Copy, from the material below, each line that contains the word "PILOT".

*** Opening of LISTED RECORDS ***

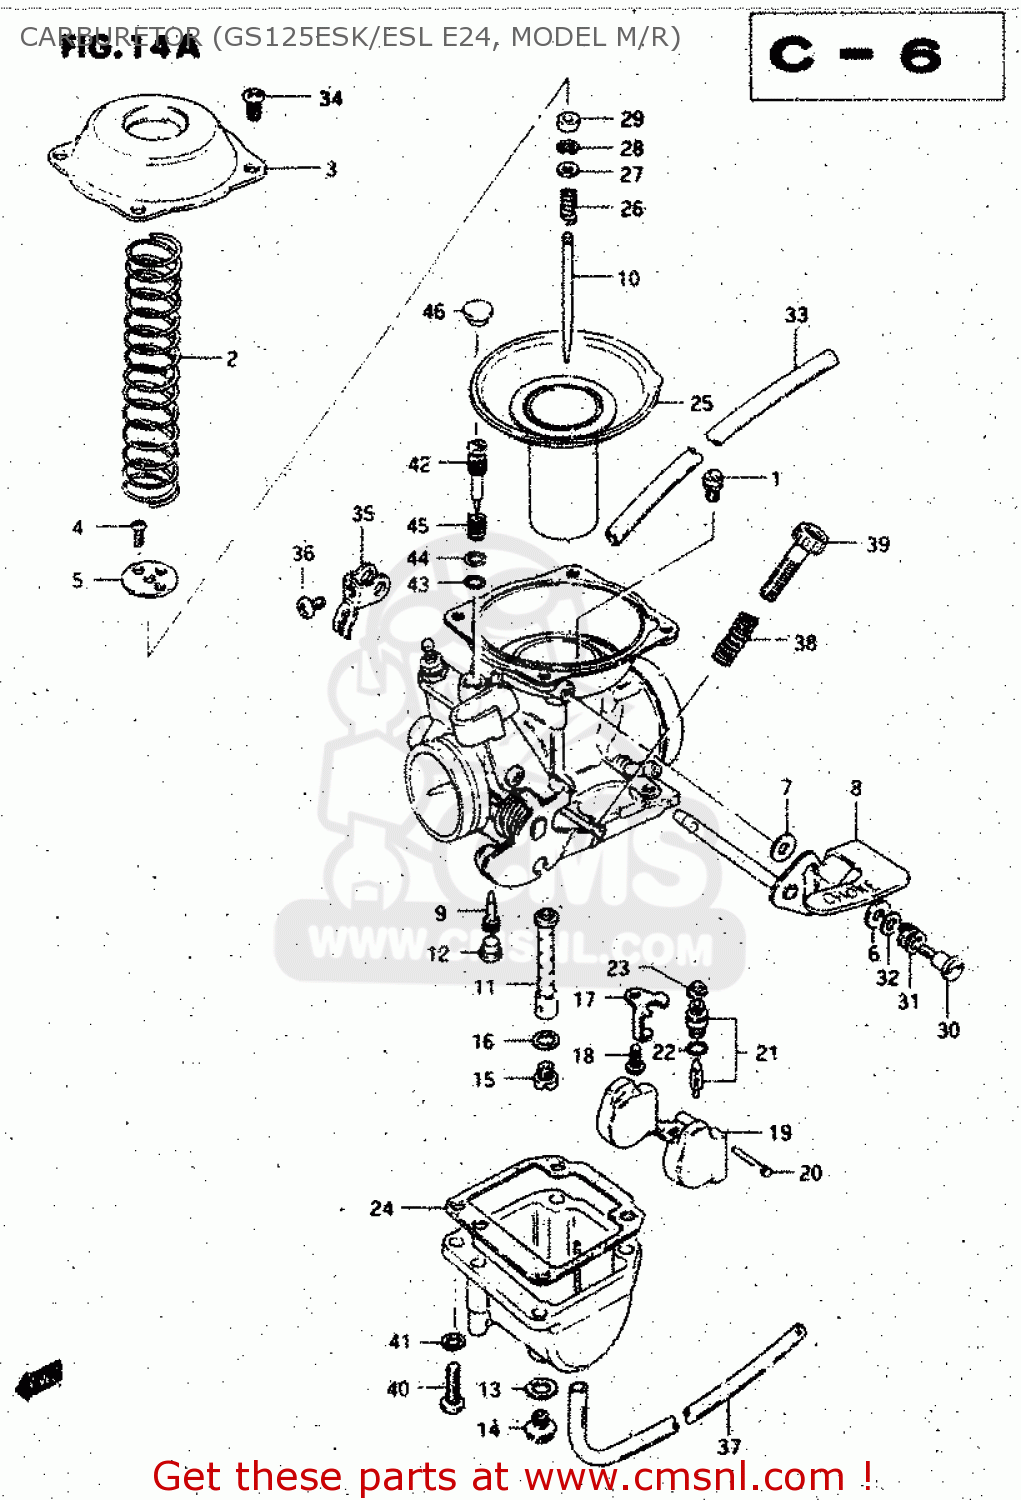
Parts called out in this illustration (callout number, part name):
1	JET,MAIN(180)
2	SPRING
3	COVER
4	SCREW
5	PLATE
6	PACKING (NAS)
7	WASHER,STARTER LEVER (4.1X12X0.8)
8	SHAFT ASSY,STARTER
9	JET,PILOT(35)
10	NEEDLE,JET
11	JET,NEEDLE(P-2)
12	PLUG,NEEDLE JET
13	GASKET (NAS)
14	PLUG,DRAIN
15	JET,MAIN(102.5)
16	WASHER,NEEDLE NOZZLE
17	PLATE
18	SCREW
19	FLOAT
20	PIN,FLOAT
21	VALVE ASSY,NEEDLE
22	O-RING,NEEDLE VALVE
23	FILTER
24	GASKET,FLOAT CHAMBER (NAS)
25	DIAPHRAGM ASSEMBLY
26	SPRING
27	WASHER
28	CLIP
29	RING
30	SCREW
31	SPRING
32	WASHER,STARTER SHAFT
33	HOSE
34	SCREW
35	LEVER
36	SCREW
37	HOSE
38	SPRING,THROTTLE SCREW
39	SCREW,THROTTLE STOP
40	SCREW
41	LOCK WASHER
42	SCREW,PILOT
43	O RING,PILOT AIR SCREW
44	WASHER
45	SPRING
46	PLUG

*** Close of LISTED RECORDS ***

OUTPUT FOR THIS TASK –
9	JET,PILOT(35)
42	SCREW,PILOT
43	O RING,PILOT AIR SCREW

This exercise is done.